> _Exercise instructions_:
Whenever a line below includes the string "thumbnail", show it.

> _Given information_:
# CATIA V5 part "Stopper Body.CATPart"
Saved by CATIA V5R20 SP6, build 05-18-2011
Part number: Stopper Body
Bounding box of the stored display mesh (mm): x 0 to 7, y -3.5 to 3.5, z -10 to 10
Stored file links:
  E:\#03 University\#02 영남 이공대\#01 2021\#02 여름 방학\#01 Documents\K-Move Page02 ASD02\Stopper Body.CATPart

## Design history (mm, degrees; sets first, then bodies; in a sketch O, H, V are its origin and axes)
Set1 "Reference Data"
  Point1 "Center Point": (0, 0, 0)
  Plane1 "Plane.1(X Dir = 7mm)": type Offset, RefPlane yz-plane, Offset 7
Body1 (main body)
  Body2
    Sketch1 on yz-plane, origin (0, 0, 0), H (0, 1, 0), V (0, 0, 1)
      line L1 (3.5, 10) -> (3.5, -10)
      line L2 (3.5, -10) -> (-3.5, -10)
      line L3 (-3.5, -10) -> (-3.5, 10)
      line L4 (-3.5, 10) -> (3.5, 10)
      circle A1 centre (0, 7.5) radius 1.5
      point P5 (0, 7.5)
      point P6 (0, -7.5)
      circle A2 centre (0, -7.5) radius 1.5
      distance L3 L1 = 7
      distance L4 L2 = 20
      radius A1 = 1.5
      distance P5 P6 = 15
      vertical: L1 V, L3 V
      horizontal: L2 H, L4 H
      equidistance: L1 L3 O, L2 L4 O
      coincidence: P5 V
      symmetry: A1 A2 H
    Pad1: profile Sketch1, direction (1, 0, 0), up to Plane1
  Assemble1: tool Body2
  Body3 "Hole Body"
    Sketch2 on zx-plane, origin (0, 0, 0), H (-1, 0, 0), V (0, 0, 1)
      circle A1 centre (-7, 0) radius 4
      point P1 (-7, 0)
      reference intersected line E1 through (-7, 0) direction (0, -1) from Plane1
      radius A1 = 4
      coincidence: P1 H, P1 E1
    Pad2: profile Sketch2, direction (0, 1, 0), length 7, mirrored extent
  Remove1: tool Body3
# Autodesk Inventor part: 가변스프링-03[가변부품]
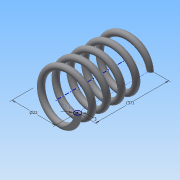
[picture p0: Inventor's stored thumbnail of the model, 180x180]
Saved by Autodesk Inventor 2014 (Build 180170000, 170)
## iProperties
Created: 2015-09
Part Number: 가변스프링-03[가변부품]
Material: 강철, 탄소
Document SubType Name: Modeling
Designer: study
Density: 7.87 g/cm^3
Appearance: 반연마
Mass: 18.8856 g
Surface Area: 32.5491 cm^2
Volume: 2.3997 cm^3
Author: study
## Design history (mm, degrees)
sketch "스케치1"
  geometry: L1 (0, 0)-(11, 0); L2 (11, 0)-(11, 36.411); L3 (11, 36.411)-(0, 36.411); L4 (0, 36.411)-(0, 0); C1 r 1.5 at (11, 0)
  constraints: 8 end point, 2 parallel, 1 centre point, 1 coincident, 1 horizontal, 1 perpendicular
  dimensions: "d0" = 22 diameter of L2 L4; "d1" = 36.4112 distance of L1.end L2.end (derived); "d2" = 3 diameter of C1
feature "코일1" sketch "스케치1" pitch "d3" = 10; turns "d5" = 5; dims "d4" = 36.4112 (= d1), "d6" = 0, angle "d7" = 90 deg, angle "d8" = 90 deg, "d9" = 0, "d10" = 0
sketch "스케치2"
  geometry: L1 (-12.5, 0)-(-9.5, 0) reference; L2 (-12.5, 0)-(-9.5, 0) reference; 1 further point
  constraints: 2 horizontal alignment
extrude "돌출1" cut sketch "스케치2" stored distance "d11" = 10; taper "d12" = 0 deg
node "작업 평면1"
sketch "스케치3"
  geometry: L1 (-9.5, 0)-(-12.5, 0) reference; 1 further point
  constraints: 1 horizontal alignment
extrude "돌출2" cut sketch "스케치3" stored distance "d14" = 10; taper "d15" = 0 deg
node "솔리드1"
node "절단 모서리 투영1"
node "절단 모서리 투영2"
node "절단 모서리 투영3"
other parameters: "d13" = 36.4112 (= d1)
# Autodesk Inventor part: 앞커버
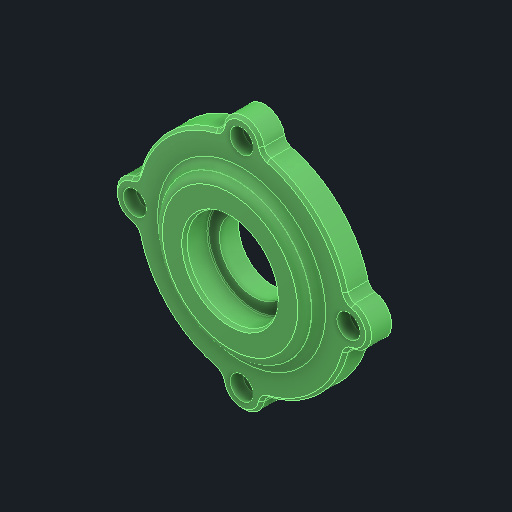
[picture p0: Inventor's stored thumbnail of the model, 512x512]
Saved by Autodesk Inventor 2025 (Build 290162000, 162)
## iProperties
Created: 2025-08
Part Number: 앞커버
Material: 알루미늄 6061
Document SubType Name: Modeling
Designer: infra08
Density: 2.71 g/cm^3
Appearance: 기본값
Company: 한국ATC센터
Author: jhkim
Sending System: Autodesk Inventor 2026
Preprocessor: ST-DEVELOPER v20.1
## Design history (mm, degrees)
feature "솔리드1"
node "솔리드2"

> _Result of the task_:
[picture p0: Inventor's stored thumbnail of the model, 180x180]
[picture p0: Inventor's stored thumbnail of the model, 512x512]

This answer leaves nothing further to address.